Your goal is to create wake word detection that is:
- **Private**: Audio processed locally, minimal retention
- **Efficient**: Low CPU (<5%), low memory (<100MB)
- **Accurate**: Low false positive rate (<1/hour)
- **Test-Driven**: All features have tests first

**Critical Reminders**:
1. Write tests before implementation
2. Never store audio to disk
3. Keep buffer minimal (<2 seconds)
4. Apply performance patterns (VAD, quantization)

Overview

This skill implements privacy-first wake word detection using openWakeWord and proven always-listening patterns for a JARVIS-style assistant. It focuses on low-latency, low-resource keyword spotting that runs offline and clears audio immediately to preserve privacy.

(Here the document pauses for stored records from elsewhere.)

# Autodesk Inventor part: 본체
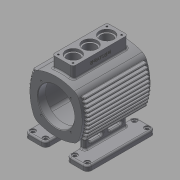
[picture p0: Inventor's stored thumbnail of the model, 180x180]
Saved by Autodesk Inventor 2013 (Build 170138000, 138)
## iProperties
Created: 2015-11
Part Number: 본체
Material: 알루미늄 6061
Document SubType Name: Modeling
Designer: mduedu
Density: 2.71 g/cm^3
Mass: 1542.18 g
Surface Area: 1694.56 cm^2
Volume: 569.07 cm^3
Author: mduedu
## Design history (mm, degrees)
sketch "스케치2"
  geometry: L1 (0, 250)-(0, -250); L2 (250, 0)-(-250, 0); L3 (-50, 50)-(50, 50); L4 (50, 50)-(50, -50); L5 (50, -50)-(-50, -50); L6 (-50, -50)-(-50, 50); A1 r 90 centre (-40, 0) between (40.415, -40.415) and (40.415, 40.415); A2 r 90 centre (40, 0) between (-40.415, 40.415) and (-40.415, -40.415); A3 r 90 centre (0, -40) between (40.415, 40.415) and (-40.415, 40.415); A4 r 90 centre (0, 40) between (-40.415, -40.415) and (40.415, -40.415); 2 further points
  constraints: 12 end point, 8 point on circle, 4 centre point, 4 tangent, 3 perpendicular, 2 horizontal alignment, 2 midpoint, 2 parallel, 2 symmetric about line, 1 coincident, 1 equal radius, 1 horizontal, 1 vertical, 1 vertical alignment, 2 other
  dimensions: "d6" = 500 distance of L1.start L1.end; "d8" = 500 distance of L2.start L2.end; "d9" = 100 distance of L3.end L4.end; "d11" = 90 radius of A3
extrude "돌출1" new body sketch "스케치2" stored distance "d12" = 130; taper "d13" = 0 deg
sketch "스케치3"
  geometry: A1 r 90 centre (40, 0) between (-40.415, 40.415) and (-40.415, -40.415) reference; 2 further points
  constraints: 1 point on circle
fillet "모깎기6" dims "d30" = 15
feature "쉘1" dims "d31" = 15, "d32" = 6, "d33" = 15
sketch "스케치4"
  geometry: L1 (60, -57)-(-60, -57); L2 (-65, 40.415)-(-65, -40.415) reference; L3 (65, -40.415)-(65, 40.415) reference; L4 (-60, -57)-(-60, -45); L5 (60, -57)-(60, -45); L6 (-65, -50)-(65, -50) reference; L7 (-60, -45)-(60, -45); 2 further points
  constraints: 8 end point, 2 parallel, 1 horizontal
  dimensions: "d16" = 5 distance between parallel lines of L7 L6; "d17" = 12 distance of L1.start L5.end; "d23" = 5 distance between parallel lines of L4 L2; "d24" = 5 distance between parallel lines of L5 L3
extrude "돌출2" new body sketch "스케치4" stored distance "d18" = 3; taper "d19" = 0 deg
fillet "모깎기1" dims "d20" = 3
fillet "모깎기4" dims "d25" = 1
sketch "스케치5"
  geometry: C1 r 35 at (0, 0); 1 further point
  constraints: 1 centre point, 1 coincident
  dimensions: "d34" = 70 diameter of C1
extrude "돌출3" cut sketch "스케치5" stored distance "d36" = 3; taper "d37" = 0 deg
feature "결합1"
  node "솔리드2"
fillet "모깎기7" dims "d38" = 1
fillet "모깎기8" dims "d39" = 1
node "작업 평면1"
sketch "스케치6"
  geometry: L1 (-65, -60)-(65, -60); L2 (65, -60)-(65, 60); L3 (65, 60)-(-65, 60); L4 (-65, 60)-(-65, -60); L5 (-65, -60)-(65, 60); L6 (65, -60)-(-65, 60); 1 further point
  constraints: 12 end point, 2 midpoint, 2 parallel, 1 horizontal, 1 perpendicular
  dimensions: "d41" = 120 distance of L3.end L1.start; "d43" = 130 distance of L2.end L3.end
extrude "돌출4" join sketch "스케치6" distance "d44" = 10; taper "d45" = 0 deg
sketch "스케치8"
  geometry: L1 (-60, -70)-(60, -70) reference; L2 (0, -50)-(0, -70); L3 (-30, -44.853)-(-30, -70); L4 (30, -44.853)-(30, -70); L5 (-30, -70)-(30, -70); A1 r 90 centre (0, 40) between (-34.941, -42.941) and (34.941, -42.941) reference; A2 r 90 centre (0, 40) between (-30, -44.853) and (30, -44.853); 1 further point
  constraints: 8 end point, 5 point on circle, 2 perpendicular, 2 symmetric about line, 1 centre point, 1 midpoint, 1 point on line
  dimensions: "d48" = 60 distance between parallel lines of L4 L3
extrude "돌출5" join sketch "스케치8" stored distance "d50" = 80; taper "d51" = 0 deg
sketch "스케치9"
  geometry: L1 (-30, -44.853)-(-30, -70) reference; L2 (30, -70)-(30, -44.853) reference; L3 (-20, -47.75)-(-20, -80); L4 (20, -80)-(20, -47.75); L5 (-48.917, -80)-(48.917, -80) reference; A1 r 90 centre (0, 40) between (-34.941, -42.941) and (34.941, -42.941) reference; 1 further point
  constraints: 4 end point, 2 parallel, 2 point on circle, 2 point on line
  dimensions: "d52" = 10 distance between parallel lines of L2 L4; "d54" = 10 distance between parallel lines of L1 L3 (derived)
extrude "돌출6" cut sketch "스케치9" stored distance "d55" = 80; taper "d56" = 0 deg
fillet "모깎기9" dims "d57" = 8
sketch "스케치10"
  geometry: A1 r 8 centre (-57, 52) between (-57, 60) and (-65, 52) reference; A2 r 8 centre (57, 52) between (65, 52) and (57, 60) reference; A3 r 8 centre (57, 28) between (57, 20) and (65, 28) reference; A4 r 8 centre (-57, 28) between (-65, 28) and (-57, 20) reference; A5 r 8 centre (-57, -28) between (-57, -20) and (-65, -28) reference; A6 r 8 centre (-57, -52) between (-65, -52) and (-57, -60) reference; A7 r 8 centre (57, -52) between (57, -60) and (65, -52) reference; A8 r 8 centre (57, -28) between (65, -28) and (57, -20) reference; 1 further point
hole "구멍1" sketch "스케치10" at (-57, 52), (57, 52), (57, 28), (-57, 28), (-57, -28), (-57, -52), (57, -52), (57, -28) diameter "d58" = 6; stored, may be unused: countersink angle "d62" = 90 deg, drill point angle "d64" = 118 deg; dims "d59" = 6, "d60" = 10, "d61" = 2, "d63" = 8
fillet "모깎기10" dims "d65" = 3
fillet "모깎기11" dims "d66" = 3
fillet "모깎기12" dims "d67" = 3
sketch "스케치11" dims "d72" = 25
  geometry: L1 (65, -50)-(-65, -50) reference; L2 (-80.5, -80)-(80.5, -80) reference; L3 (0, -50)-(0, -80); L4 (-27, -54)-(-10, -54); L5 (-10, -54)-(-10, -62); L6 (-10, -62)-(-27, -62); L7 (-27, -62)-(-27, -54); 3 further points
  constraints: 10 end point, 4 midpoint, 2 parallel, 2 perpendicular, 2 vertical alignment, 1 horizontal, 4 other
  dimensions: "d68" = 8 distance between parallel lines of L6 L4; "d71" = 8 distance from line of point (-27, -58) L1; "d73" = 6 dimension on L3
extrude "돌출7" cut sketch "스케치11" stored distance "d74" = 80; taper "d75" = 0 deg
fillet "모깎기13" dims "d76" = 3
fillet "모깎기14" dims "d78" = 3
sketch "스케치12"
  geometry: L1 (0, 0)-(28.284, 28.284); L2 (0, 0)-(40, 0); A1 r 40 centre (0, 0) between (28.284, 28.284) and (40, 0); 2 further points
  constraints: 4 end point, 2 coincident, 2 point on circle, 1 centre point, 1 horizontal
  dimensions: "d79" = 80 diameter of A1; "d80" = 45 deg angle of L2 L1
hole "구멍2" sketch "스케치12" at (28.284, 28.284) diameter "d82" = 3.242; stored, may be unused: countersink angle "d86" = 90 deg, drill point angle "d88" = 118 deg; dims "d83" = 9, "d84" = 10, "d85" = 2, "d87" = 11
node "작업 평면2"
sketch "스케치13"
  geometry: L1 (-52.5, -20)-(52.5, -20); L2 (52.5, -20)-(52.5, 20); L3 (52.5, 20)-(-52.5, 20); L4 (-52.5, 20)-(-52.5, -20); L5 (-52.5, -20)-(52.5, 20); L6 (52.5, -20)-(-52.5, 20); 1 further point
  constraints: 12 end point, 2 midpoint, 2 parallel, 1 horizontal, 1 perpendicular
  dimensions: "d93" = 105 distance of L2.end L3.end; "d95" = 40 distance of L1.end L2.end
extrude "돌출8" join sketch "스케치13" stored distance "d96" = 80; taper "d97" = 0 deg
fillet "모깎기15" dims "d98" = 5
fillet "모깎기16" dims "d99" = 3
sketch "스케치14"
  geometry: L1 (-52.5, 15)-(-52.5, -15) reference; L2 (52.5, -15)-(52.5, 15) reference; L3 (-52.5, 0)-(52.5, 0); 4 further points
  constraints: 2 end point, 2 midpoint, 2 point on line, 1 coincident
  dimensions: "d100" = 32 distance of point (-32, 0) point (0, 0); "d102" = 32 distance of point (32, 0) point (0, 0) (derived)
hole "구멍3" sketch "스케치14" at (-32, 0), (0, 0), (32, 0) diameter "d103" = 22; stored, may be unused: countersink angle "d107" = 90 deg, drill point angle "d109" = 118 deg; dims "d104" = 8, "d105" = 28, "d106" = 5, "d108" = 10
sketch "스케치15"
  geometry: L1 (46.5, -14)-(-46.5, -14); L2 (-46.5, -14)-(-46.5, 14); L3 (-46.5, 14)-(46.5, 14); L4 (46.5, 14)-(46.5, -14); L5 (46.5, -14)-(-46.5, 14); L6 (-46.5, -14)-(46.5, 14); L7 (47.5, 20)-(-47.5, 20) reference; L8 (-52.5, 15)-(-52.5, -15) reference; 5 further points
  constraints: 12 end point, 4 coincident, 2 midpoint, 2 parallel, 1 horizontal, 1 perpendicular
  dimensions: "d110" = 6 distance between parallel lines of L3 L7; "d111" = 6 distance between parallel lines of L2 L8
hole "구멍4" sketch "스케치15" at (-46.5, 14), (46.5, 14), (46.5, -14), (-46.5, -14) diameter "d112" = 3.242; stored, may be unused: countersink angle "d116" = 90 deg, drill point angle "d118" = 118 deg; dims "d113" = 10, "d114" = 28, "d115" = 5, "d117" = 13
sketch "스케치16"
  geometry: L1 (33.5, 0)-(61.5, 0) reference; L2 (104.5, -150)-(-9.5, -150) reference; L3 (47.5, 0)-(47.5, -150); 2 further points
  constraints: 2 end point, 2 midpoint, 1 point on line, 1 other
  dimensions: "d122" = 11 distance from line of point (47.5, -11) L1
feature "엠보싱2" sketch "스케치16" dims "d16" = 5, "d17" = 12, "d23" = 5, "d24" = 5, "d123" = 0.5, "d124" = 0
chamfer "모따기1" distance "d125" = 1; stored, may be unused: second distance "d126" = 2, angle "d127" = 45 deg
node "솔리드1"
pattern_linear "직사각형 패턴1" dims "d29" = 7
mirror "대칭1"
mirror "대칭2"
pattern_circular "원형 패턴1" dims angle "d90" = 360 deg
mirror "대칭3"
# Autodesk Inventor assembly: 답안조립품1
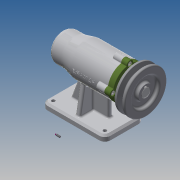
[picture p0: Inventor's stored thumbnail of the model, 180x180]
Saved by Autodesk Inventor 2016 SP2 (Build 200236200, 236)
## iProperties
Created: 2019-07
Part Number: 답안조립품1
Document SubType Name: Assembly
Designer: EZ
Author: EZ
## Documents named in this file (12)
- X:\490704V1075 윤채성\답안조립품1.iam
- X:\490704V1075 윤채성\본체.ipt
- X:\490704V1075 윤채성\V벨트풀리.ipt
- X:\490704V1075 윤채성\멈춤나사 M3.ipt
- X:\490704V1075 윤채성\베어링 6004.ipt
- X:\490704V1075 윤채성\베어링 51202.ipt
- X:\490704V1075 윤채성\볼트 M4.ipt
- X:\490704V1075 윤채성\어댑터슬리브.ipt
- X:\490704V1075 윤채성\오일 실.ipt
- X:\490704V1075 윤채성\축.ipt
- X:\490704V1075 윤채성\커버.ipt
- X:\490704V1075 윤채성\키 5 x 5 x 16.ipt
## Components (1 placed, 1 different names)
1. V벨트풀리:1

The workflow is test-driven and optimized for CPU, memory, and false positive reduction.

How this skill works

The detector captures audio from a local input stream, buffers a short sliding window, and runs a lightweight model inference when enough audio accumulates. It applies optimizations such as VAD checks, batch or quantized inference, and memory-mapped model loading to minimize CPU and RAM. On detection the buffer is cleared immediately and a callback is invoked; no raw audio is stored or sent externally.

When to use it

  • Offline activation phrase detection for a local assistant (e.g., "Hey JARVIS")
  • Always-listening systems where privacy and local processing are required
  • Resource-constrained devices needing <5% CPU and <100MB memory
  • Prototyping or deploying wake-word models with TDD and verification
  • Environments where cloud audio streaming is unacceptable for compliance

Best practices

  • Start with tests: write failing tests for detection, privacy, and performance
  • Keep audio buffer minimal (<= 1.5–2.0 seconds) and clear immediately after use
  • Run VAD to skip inference for silence and reduce CPU usage
  • Use quantized or optimized ONNX models and memory-map large files
  • Confirm detections with a short confirmation window to reduce false positives

Example use cases

  • Trigger a local skill or command processor when user says the activation phrase
  • Always-listening kiosk or home assistant that must never send audio off-device
  • Embedded systems or Raspberry Pi deployments requiring strict resource caps
  • Automated tests that validate detection thresholds, CPU, and memory budgets
  • Integrating with a higher-level confirmation layer to lower false alarms

FAQ

How is user privacy preserved?

Audio is processed locally, buffers are minimal, and raw audio is cleared immediately after detection; nothing is stored or forwarded.

How do I reduce false positives?

Combine confidence thresholds with short confirmation windows, average recent detections, and run VAD to avoid spurious triggers on noise.